Friday, November 12, 2010

......phinally home.

I would be honored to say officially.....i feel home. It's going on my 3rd year here in Philadelphia, and I continuously find myself admiring the city more and more. The people, the atmosphere, the food scene,the art, old architechture, the small town feel in a big city...what more could i ask for. I've told Eddie on more than one occasion that I'm in love with Philly. I want to live here...I want to raise a family around here. Not yet, of course! But, eventually...and if we leave, then I want to come back. It's the first place I've been, that I can see myself being comfortable, happy, and alive.
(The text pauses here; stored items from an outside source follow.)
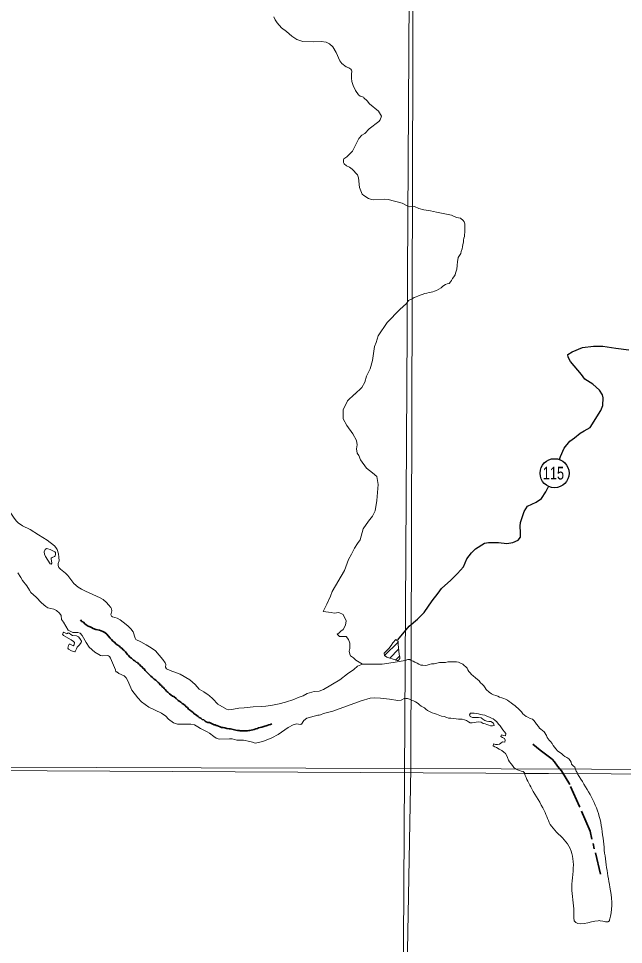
# Model space of a CAD drawing. Extents: x 553962 to 842807, y 8883888 to 9032388.
# Drawn here: x 605379 to 608716, y 8897864 to 8902976 of the extents above; entities that cross this region are included whole.
import ezdxf
from ezdxf.enums import TextEntityAlignment as Align

# ---------------------------------------------------------------- set-up
doc = ezdxf.new("R2010")
doc.units = 0
doc.header["$LTSCALE"] = 20
doc.linetypes.add('LONG_DASH_SHORT_DASH', pattern=[9.9, 6, -1.2, 1.5, -1.2])
doc.layers.add('6', color=7, linetype='Continuous', lineweight=13)

msp = doc.modelspace()

# ---------------------------------------------------------------- linework, layer by layer
at = {"layer": '6'}
for p, q in [((607398.17, 8899458.87), (607473.31, 8899534.01)), ((607427.1, 8899445.38), (607475.97, 8899494.24)), ((607458.9, 8899434.74), (607481.08, 8899456.93)), ((608462.44, 8898805.76), (608169.36, 8898807.76))]:
    msp.add_line(p, q, dxfattribs=at)
for points in [[(607657.67, 8924743.35), (607574.22, 8909874.89), (607492.34, 8896026.67)], [(606788.04, 8902984.87), (606794.73, 8902968.14), (606805.97, 8902952.71), (606830.18, 8902925.42), (606857.14, 8902905.05), (606886.26, 8902878.8), (606914.43, 8902860.1), (606948.01, 8902848.93), (607006.56, 8902848.11), (607048.08, 8902849.71), (607075.35, 8902846.42), (607093.9, 8902836.45), (607113.61, 8902820.63), (607131.93, 8902788.25), (607150.86, 8902742.38), (607162.03, 8902727.53), (607185.97, 8902709.19), (607201.27, 8902703.37), (607212.58, 8902696.13), (607216.16, 8902691.53), (607217.84, 8902685.39), (607215.38, 8902668.19), (607214.93, 8902646.17), (607217.08, 8902629.11), (607225.16, 8902606.77), (607238.21, 8902578.87), (607253.82, 8902555.23), (607264.33, 8902547.47), (607282.67, 8902541.66), (607283.57, 8902539.04), (607302.01, 8902521), (607314.65, 8902506.06), (607364.06, 8902464.6), (607381.07, 8902436.97), (607373.8, 8902416.86), (607366.91, 8902407.51), (607313.23, 8902367.6), (607289.86, 8902342.28), (607273.64, 8902332.11), (607256.09, 8902313.64), (607221.85, 8902244.36), (607189.32, 8902212.45), (607173.86, 8902201.25), (607171.63, 8902197.44), (607171.21, 8902181.63), (607174.74, 8902173.24), (607187.79, 8902163.1), (607205.47, 8902154.97), (607219.12, 8902145.24), (607248.38, 8902113.68), (607254.27, 8902096.16), (607259.31, 8902043.78), (607274.55, 8902006.99), (607283.93, 8901998.8), (607310.06, 8901983.35), (607326.64, 8901977.45), (607338.07, 8901975.51), (607395.08, 8901979.08), (607418.6, 8901977.93), (607495.8, 8901956.34), (607527.17, 8901939.73)], [(607527.17, 8901939.73), (607536.15, 8901936.97), (607536.15, 8901936.97), (607562.78, 8901938.08), (607562.78, 8901938.08), (607562.78, 8901938.08), (607587.2, 8901928.1)], [(607587.2, 8901928.1), (607614.94, 8901919.22), (607614.94, 8901919.22), (607614.94, 8901919.22), (607614.94, 8901919.22), (607651.56, 8901913.68), (607651.56, 8901913.68), (607651.56, 8901913.68), (607684.86, 8901908.13), (607684.86, 8901908.13), (607684.86, 8901908.13), (607740.34, 8901895.93), (607740.34, 8901895.93), (607740.34, 8901895.93), (607740.34, 8901895.93), (607768.09, 8901890.39), (607768.09, 8901890.39), (607768.09, 8901890.39), (607794.72, 8901878.19), (607818.03, 8901873.75), (607831.66, 8901862.02), (607837.71, 8901853.84), (607841.71, 8901843.62), (607841.64, 8901833.43), (607841.55, 8901821.21), (607840.45, 8901807.97), (607840.36, 8901794.73), (607839.27, 8901784.55), (607839.19, 8901773.34), (607835.06, 8901764.2), (607833.96, 8901753), (607832.86, 8901740.78), (607830.75, 8901728.57), (607827.6, 8901715.35), (607825.5, 8901705.17), (607821.32, 8901689.92), (607818.2, 8901679.75), (607812.02, 8901668.58), (607804.82, 8901656.4), (607801.68, 8901644.2), (607800.6, 8901634.02), (607797.9, 8901612.03)], [(607797.9, 8901612.03), (607796.24, 8901592.28), (607794.13, 8901582.1), (607789.99, 8901570.92), (607786.87, 8901560.76), (607780.69, 8901549.59), (607773.5, 8901540.47), (607768.35, 8901530.31), (607761.17, 8901522.21), (607753.99, 8901514.1), (607743.8, 8901511.11), (607734.62, 8901507.1), (607724.42, 8901503.09), (607717.25, 8901496), (607710.08, 8901488.92), (607697.83, 8901481.86), (607685.57, 8901474.81), (607674.36, 8901471.83), (607665.18, 8901467.81), (607654.98, 8901464.82), (607643.79, 8901463.87), (607630.54, 8901460.9), (607620.36, 8901458.93), (607606.07, 8901452.91), (607594.86, 8901449.92), (607582.62, 8901443.89), (607572.42, 8901439.88), (607561.21, 8901436.89), (607550.98, 8901428.81), (607530.56, 8901418.75), (607518.61, 8901403.86)], [(607518.61, 8901403.86), (607482.06, 8901370.65), (607412.27, 8901297.59), (607362.43, 8901224.52), (607352.46, 8901187.99), (607342.49, 8901164.74), (607332.52, 8901088.36), (607319.22, 8901041.86), (607299.29, 8901002.01), (607289.32, 8900968.8), (607272.71, 8900938.91), (607233.87, 8900903.33)], [(607232.83, 8900902.38), (607192.95, 8900865.85), (607169.7, 8900816.03), (607169.7, 8900766.21), (607189.64, 8900729.69), (607222.86, 8900683.19), (607242.81, 8900646.66), (607246.12, 8900623.41), (607242.81, 8900600.16), (607246.12, 8900576.91), (607256.1, 8900563.63), (607266.07, 8900540.38), (607299.29, 8900493.89), (607332.53, 8900467.32), (607355.79, 8900447.4), (607362.43, 8900404.22), (607355.79, 8900314.55), (607345.81, 8900258.09), (607332.53, 8900228.2), (607309.26, 8900201.64), (607279.36, 8900158.46), (607262.74, 8900098.68), (607249.45, 8900078.76), (607232.83, 8900052.19), (607216.22, 8900018.97), (607199.61, 8899989.08), (607176.35, 8899929.31), (607109.89, 8899813.07), (607099.92, 8899786.5), (607079.98, 8899743.32), (607060.04, 8899703.47), (607103.24, 8899696.83), (607119.85, 8899693.51), (607146.44, 8899696.83), (607169.7, 8899686.86), (607186.31, 8899650.33), (607182.99, 8899627.08), (607169.7, 8899603.84), (607156.4, 8899593.88), (607146.44, 8899583.91), (607136.47, 8899577.27), (607149.76, 8899563.98), (607186.31, 8899563.98), (607199.61, 8899547.38), (607206.25, 8899527.45), (607206.25, 8899507.53), (607206.25, 8899497.57), (607202.93, 8899484.28), (607206.25, 8899467.67), (607209.57, 8899457.71), (607226.19, 8899447.75), (607239.48, 8899434.46), (607276.03, 8899411.22)], [(605318.42, 8900257.25), (605328.14, 8900253.16), (605335.8, 8900246.19), (605350.87, 8900222.77), (605366.06, 8900202.71), (605377.32, 8900192.35), (605399.92, 8900175.56), (605442.27, 8900156.22), (605489.34, 8900126.6)], [(605489.34, 8900126.6), (605536.4, 8900096.97), (605576.27, 8900065.92), (605584.03, 8900055.76)], [(605584.03, 8900055.76), (605591.8, 8900045.61), (605599.46, 8900021.77), (605601.28, 8900001.94)], [(605601.28, 8900001.94), (605603.1, 8899982.11), (605597.89, 8899967.46), (605596.61, 8899956.96), (605600.19, 8899946.07), (605609.64, 8899935.65), (605637.01, 8899914.37), (605637.01, 8899914.37), (605649.84, 8899902), (605684.47, 8899857.47), (605707.87, 8899837.1), (605725.15, 8899825.07), (605748.78, 8899814.47)], [(605438.85, 8899820.49), (605424.47, 8899844.69), (605400.28, 8899874.52), (605391.87, 8899891.13), (605374.33, 8899916.5)], [(605651.92, 8899599.22), (605627.2, 8899644.19), (605614.88, 8899659.32), (605613, 8899679.97), (605604.77, 8899694.21), (605588.81, 8899707.75), (605573.84, 8899716.35), (605540.9, 8899723.14), (605528.66, 8899729.82), (605504.88, 8899751.32), (605476.06, 8899781.55), (605446.9, 8899806.95), (605438.85, 8899820.49)], [(605748.78, 8899814.47), (605828.89, 8899778.55), (605845.58, 8899768.38), (605864.64, 8899753.22), (605875.88, 8899739.1)], [(605875.88, 8899739.1), (605887.13, 8899724.97), (605890.75, 8899718.06), (605893.55, 8899706.3), (605887.94, 8899684.92), (605892.46, 8899676.46), (605897.05, 8899672.9), (605922.32, 8899665.23), (605940.15, 8899656.12), (605972.74, 8899630.67), (605982.63, 8899621.66)], [(605800.36, 8899478.27), (605768.67, 8899506.15), (605752.14, 8899530.81), (605730.47, 8899570.06), (605719.18, 8899583.89), (605705.97, 8899587.44), (605690.94, 8899586.33), (605677.79, 8899587.4), (605651.92, 8899599.22)], [(605982.63, 8899621.66), (605997.93, 8899607.72), (606011.09, 8899590.17), (606021.77, 8899555.14), (606026.3, 8899548.71), (606053.9, 8899535.25), (606082.64, 8899518.19)], [(606082.64, 8899518.19), (606110.4, 8899501.72), (606133.75, 8899485.14), (606175.03, 8899438.13), (606188.25, 8899420.07), (606191.48, 8899410.33), (606189.48, 8899394.84), (606194.93, 8899386.65), (606215.55, 8899376.75), (606270.88, 8899356.22), (606324.13, 8899326.32), (606338.99, 8899313.29)], [(605886.78, 8899444.23), (605880.49, 8899454.05), (605875.63, 8899458.01), (605871.79, 8899459.03), (605843.64, 8899457.85), (605831.77, 8899459.59), (605821.4, 8899464.59), (605800.36, 8899478.27)], [(606167.03, 8899141.33), (606097.76, 8899173.83), (606057.38, 8899203.21), (606036.35, 8899225.66), (606003.39, 8899268.52), (605981.95, 8899319.32), (605972.66, 8899335.84), (605960.87, 8899348.22), (605932.75, 8899360.82), (605920.3, 8899368.72), (605915.99, 8899369.44), (605914.16, 8899381.16), (605886.78, 8899444.23)], [(606996.27, 8899256.74), (607009.09, 8899260.47), (607037.25, 8899263.04), (607061.25, 8899271.73), (607150.54, 8899324.71), (607193.66, 8899358.82), (607228.54, 8899383.03), (607248.69, 8899401.58), (607276.03, 8899411.22), (607305.94, 8899411.22), (607385.69, 8899411.22), (607445.51, 8899421.18), (607512.32, 8899432.53)], [(607512.32, 8899432.53), (607525.91, 8899438.29), (607537.1, 8899438.22), (607545.19, 8899432.05), (607555.34, 8899427.91), (607565.47, 8899422.76), (607577.64, 8899416.56), (607586.76, 8899411.41), (607597.92, 8899407.27), (607609.1, 8899406.18), (607621.3, 8899405.08), (607633.51, 8899406.02), (607643.71, 8899410.03), (607657.98, 8899412.99), (607671.21, 8899413.93), (607701.77, 8899420.86), (607712.96, 8899420.79), (607723.13, 8899420.73), (607734.32, 8899420.65), (607747.57, 8899424.64), (607757.74, 8899424.58), (607769.95, 8899424.5), (607783.17, 8899424.42), (607795.38, 8899424.34), (607806.56, 8899422.23), (607817.72, 8899418.08), (607830.9, 8899411.88), (607837.97, 8899404.71), (607846.06, 8899397.52), (607853.13, 8899390.35)], [(607853.13, 8899390.35), (607858.15, 8899381.15), (607863.17, 8899371.95), (607871.26, 8899363.74), (607878.32, 8899355.55), (607887.42, 8899347.34), (607899.55, 8899336.05), (607919.78, 8899319.62), (607927.85, 8899309.39), (607936.95, 8899302.2), (607946.04, 8899292.97), (607954.1, 8899280.69), (607959.12, 8899271.49), (607975.31, 8899258.14), (607987.44, 8899247.88), (607998.6, 8899242.71), (608011.79, 8899238.55), (608022.96, 8899235.42), (608033.1, 8899230.26), (608045.27, 8899226.11), (608056.44, 8899221.96), (608065.56, 8899217.83), (608075.7, 8899212.67), (608085.82, 8899205.48), (608096.97, 8899199.29), (608108.1, 8899190.05), (608116.18, 8899182.87), (608124.28, 8899176.7), (608135.4, 8899166.44), (608142.47, 8899159.27), (608154.6, 8899147.98), (608160.63, 8899137.76), (608178.84, 8899123.38), (608188.99, 8899119.24), (608202.16, 8899112.02), (608214.35, 8899108.89), (608222.44, 8899101.7), (608228.48, 8899092.5), (608236.54, 8899081.24), (608246.62, 8899067.93), (608252.66, 8899058.72), (608260.75, 8899052.56), (608269.86, 8899046.39), (608278.96, 8899038.18), (608291.04, 8899018.74), (608295.03, 8899007.51), (608306.11, 8898992.16), (608314.2, 8898984.98), (608322.26, 8898973.72), (608329.31, 8898963.48), (608335.34, 8898953.26), (608342.41, 8898945.06), (608352.5, 8898933.79), (608365.66, 8898923.52), (608374.78, 8898918.37), (608383.88, 8898910.16), (608392.98, 8898902.97), (608403.1, 8898895.77), (608414.25, 8898889.59), (608421.31, 8898880.37), (608427.34, 8898870.15), (608430.32, 8898859.94), (608439.42, 8898850.71), (608447.5, 8898843.53), (608451.5, 8898832.3)], [(606338.99, 8899313.29), (606353.84, 8899300.25), (606375.85, 8899273.58), (606401.27, 8899259.48), (606425.55, 8899243.47), (606430.28, 8899239.22)], [(606430.28, 8899239.22), (606451.11, 8899220.49), (606477.91, 8899191.59), (606526.1, 8899162.91), (606538.79, 8899160.41), (606552.27, 8899160.95), (606564.82, 8899163.38)], [(606850.86, 8899202.66), (606897.35, 8899217.33), (606921.29, 8899228.17), (606948.87, 8899237.73), (606970.76, 8899249.32), (606996.27, 8899256.74)], [(606743.45, 8899180.84), (606780.19, 8899185.1), (606817.39, 8899192.09), (606850.86, 8899202.66)], [(607510.32, 8899223.38), (607489.46, 8899213.79), (607472.27, 8899210.62), (607425.68, 8899218.6), (607376, 8899224.92), (607343.23, 8899226.88), (607318.71, 8899223.81), (607269.57, 8899209.61), (607112.03, 8899153.13), (607061.57, 8899139.37), (607044.89, 8899132.08), (607038.25, 8899131.22)], [(607965.23, 8899123.73), (607951.03, 8899129.93), (607937.82, 8899133.07), (607926.64, 8899133.15), (607916.49, 8899137.29), (607906.34, 8899140.41), (607892.1, 8899140.5), (607872.77, 8899140.62), (607866.61, 8899132.51), (607870.61, 8899122.3), (607882.78, 8899117.13), (607893.97, 8899117.05), (607904.15, 8899116.99), (607917.37, 8899116.9), (607930.59, 8899115.8), (607940.7, 8899107.59), (607950.83, 8899101.41), (607963.01, 8899097.26), (607974.19, 8899096.16), (607984.36, 8899096.1), (607999.55, 8899085.81), (608003.54, 8899073.56), (607993.34, 8899070.57), (607983.17, 8899070.64), (607973.03, 8899074.78), (607961.87, 8899078.92), (607952.74, 8899083.06), (607941.56, 8899084.15), (607930.42, 8899092.37), (607917.21, 8899093.47), (607902.96, 8899092.55), (607892.77, 8899089.56), (607881.57, 8899088.61), (607870.38, 8899088.68), (607861.26, 8899093.83), (607850.12, 8899100.02), (607839.97, 8899104.16), (607826.78, 8899108.32), (607816.6, 8899108.38), (607806.43, 8899108.45), (607793.22, 8899109.55), (607777.98, 8899112.7), (607763.74, 8899113.81), (607751.54, 8899113.89), (607741.39, 8899118.03), (607727.18, 8899122.2), (607711.95, 8899125.35), (607693.68, 8899131.58), (607684.56, 8899136.74), (607674.41, 8899139.86), (607661.21, 8899144.02), (607646, 8899150.23), (607634.84, 8899155.39), (607625.74, 8899163.6), (607617.65, 8899170.78), (607600.43, 8899180.06), (607591.33, 8899188.27), (607583.23, 8899194.44), (607569.05, 8899203.7), (607557.9, 8899208.86), (607547.75, 8899211.98), (607536.6, 8899218.17), (607525.44, 8899222.31), (607515.27, 8899222.38), (607510.32, 8899223.38)], [(606368.43, 8899065.69), (606348.91, 8899077.01), (606328.98, 8899080.19), (606255.6, 8899080.86), (606233.84, 8899088.85), (606206.95, 8899108.77), (606191.59, 8899125.09), (606167.03, 8899141.33)], [(606564.82, 8899163.38), (606594.83, 8899169.21), (606623.97, 8899170.23), (606672.95, 8899176.27), (606719.72, 8899178.1), (606743.45, 8899180.84)], [(607038.25, 8899131.22), (607030.14, 8899130.18), (606968.5, 8899113.87), (606953.54, 8899101.63), (606940.78, 8899080.46), (606936.88, 8899079.85)], [(608076.57, 8898895.83), (608072.57, 8898905.02), (608064.52, 8898918.32), (608056.43, 8898925.5), (608045.31, 8898934.74), (608031.12, 8898942.98), (608015.93, 8898952.25), (608006.8, 8898956.38), (607996.66, 8898961.54), (607999.78, 8898971.71), (608010.95, 8898968.58), (608022.14, 8898968.51), (608032.32, 8898969.46), (608040.51, 8898976.54), (608048.69, 8898982.6), (608060.89, 8898981.51), (608064.01, 8898992.69), (608058.99, 8899001.89), (608048.85, 8899007.05), (608039.74, 8899013.22), (608043.87, 8899022.37), (608054.01, 8899017.21), (608066.22, 8899017.13), (608067.32, 8899029.35), (608059.24, 8899038.57), (608051.18, 8899049.83), (608044.14, 8899061.08), (608036.08, 8899072.34), (608026.98, 8899080.54), (608017.91, 8899092.83), (608005.77, 8899102.07), (607997.68, 8899110.28), (607987.53, 8899113.4), (607977.4, 8899119.58), (607965.23, 8899123.73)], [(606669.71, 8898980.46), (606654.61, 8898985.76), (606620, 8898992.46), (606583.12, 8898992.22), (606556.53, 8898999.11), (606542.71, 8899000.38), (606485.27, 8898997.17), (606468.8, 8899003.82), (606455.29, 8899011.79), (606431.99, 8899031.1), (606419.71, 8899039.23), (606382.69, 8899057.42), (606368.43, 8899065.69)], [(606936.88, 8899079.85), (606931.93, 8899079.08), (606913.39, 8899083.39), (606894.36, 8899077.05), (606866.55, 8899063.01), (606810.71, 8899023.73), (606775.99, 8899005.78), (606726.3, 8898985.27), (606684.82, 8898975.17), (606669.71, 8898980.46)], [(574695.3, 8898953.23), (596544.27, 8898870.44), (626625.69, 8898710.85)], [(608169.36, 8898807.76), (608170.6, 8898811.69), (608162.51, 8898818.87), (608151.33, 8898820.98), (608142.21, 8898825.11), (608132.06, 8898829.25), (608120.9, 8898833.4), (608110.79, 8898841.61), (608104.76, 8898852.86), (608096.68, 8898862.08), (608087.61, 8898873.35), (608081.57, 8898882.55), (608076.57, 8898895.83)], [(608451.5, 8898832.3), (608454.48, 8898822.09), (608460.52, 8898813.9), (608462.44, 8898805.76), (608169.36, 8898807.76)]]:
    msp.add_lwpolyline(points, dxfattribs=at)
for points in [[(618535.25, 8909853.32), (607574.31, 8909890.72), (607543.3, 8898835.28), (618504.23, 8898795.81)], [(605577.96, 8900006.42), (605581.13, 8900009.73), (605583.1, 8900017.17), (605581.82, 8900027.92), (605579.61, 8900031.92), (605553.78, 8900045.19), (605540.63, 8900049.44), (605532.21, 8900049.61), (605526.49, 8900045.69), (605520.86, 8900031.33), (605522.28, 8900018.29), (605527.3, 8900006.56), (605552.8, 8899966.1), (605559.02, 8899963.93), (605562.65, 8899968.71), (605558.58, 8899992.7), (605559.4, 8899996.77), (605563.91, 8900000.57)], [(605726.49, 8899537.94), (605724.01, 8899530.64), (605714.43, 8899518.16), (605702.97, 8899506.07), (605697.81, 8899496.64), (605691.76, 8899481.47), (605690.04, 8899479.84), (605670.67, 8899486.14), (605654.23, 8899494.29), (605651.4, 8899501.09), (605654.21, 8899514.3), (605658.72, 8899522.46), (605659.81, 8899522.99), (605664.42, 8899521.95), (605679.95, 8899513.5), (605686.36, 8899517.98), (605687.1, 8899532.41), (605682.55, 8899537.52), (605669.01, 8899546.23), (605627.12, 8899569.73), (605621.02, 8899577.27), (605624.06, 8899584.77), (605629.49, 8899588.48), (605644.86, 8899579.37), (605648.74, 8899580.64), (605650.35, 8899583.7), (605653.31, 8899585.59), (605658.05, 8899583.37), (605667.74, 8899575.21), (605676.28, 8899570.59), (605698.75, 8899568.75), (605709.73, 8899562.82), (605717.54, 8899553.15), (605726.29, 8899538.89)], [(607460.51, 8899548.43), (607473.37, 8899537.39), (607473.07, 8899520.74), (607478.95, 8899466.95), (607482.51, 8899450.23), (607481.52, 8899443.67), (607477.77, 8899435.07), (607475, 8899432.45), (607467.53, 8899432.48), (607456.82, 8899435.29), (607411.12, 8899450.8), (607397.82, 8899459.08), (607396.21, 8899472.69), (607398.89, 8899476.48), (607421.74, 8899498.11), (607434.38, 8899514.64), (607443.22, 8899529.04)], [(596544.27, 8898870.44), (596531.66, 8896026.67), (607492.34, 8896026.67), (607543.3, 8898835.28)]]:
    msp.add_lwpolyline(points, close=True, dxfattribs=at)
at = {"layer": '6', "lineweight": 25}
for points in [[(608362.46, 8900541.86), (608368.22, 8900558.39), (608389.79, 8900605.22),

Wednesday, January 27, 2010

its def a peg leg kinda nite

so, i cant remember the last time i wrote on this thing...and i dont really know what has changed.  as you all know (and by all i mean the 2 of you) i only have one job..i still live in philly, i went to my dream concert this past fall, and have yet to visit the best friends i have ever had.  i know.  i suck.  as charlie waffles continuously claws at my toes, i realize that life doesnt seem to be as wonderfully awesome as people try to make it out to be.  My plans are slowly going down the drain; which is unfortunate because i honestly think they were very good plans.  Not that im giving up completely, but i have come to the point that i dont really know what to do next.  School...maybe, thats what i keep telling myself.  Italy perhaps...only if a certain someone will come with me.  West coast, is it really what i think it is?  Or do i stay here now...the place i said i would never return to.  Do i stay close to home, to be close to my family....to see Brayden grow up, or do i leave, do i live my life selfishly?  Growing up, i wanted to be married by 25 and have kids by 27...thats stil my plan.  But the person that would make that possible right now...has an ENTIRELY different agenda.  Not that im stressing, because well, im not there yet.  But i want answers.  i want to know.  When will the skies clear up?  I constantly catch myself dreaming of well, nothing more than the perfect life.  i need help getting it through my thick skull..that well, things just dont work out the way we want them to...not exactly anyway.  There are always changes, conflicts, detours if you must..and well, i have to learn to overcome them.  anyway...sorry for the babbling...but like i said..it is a peg leg kinda nite.  (they were all outta double bags.)  =)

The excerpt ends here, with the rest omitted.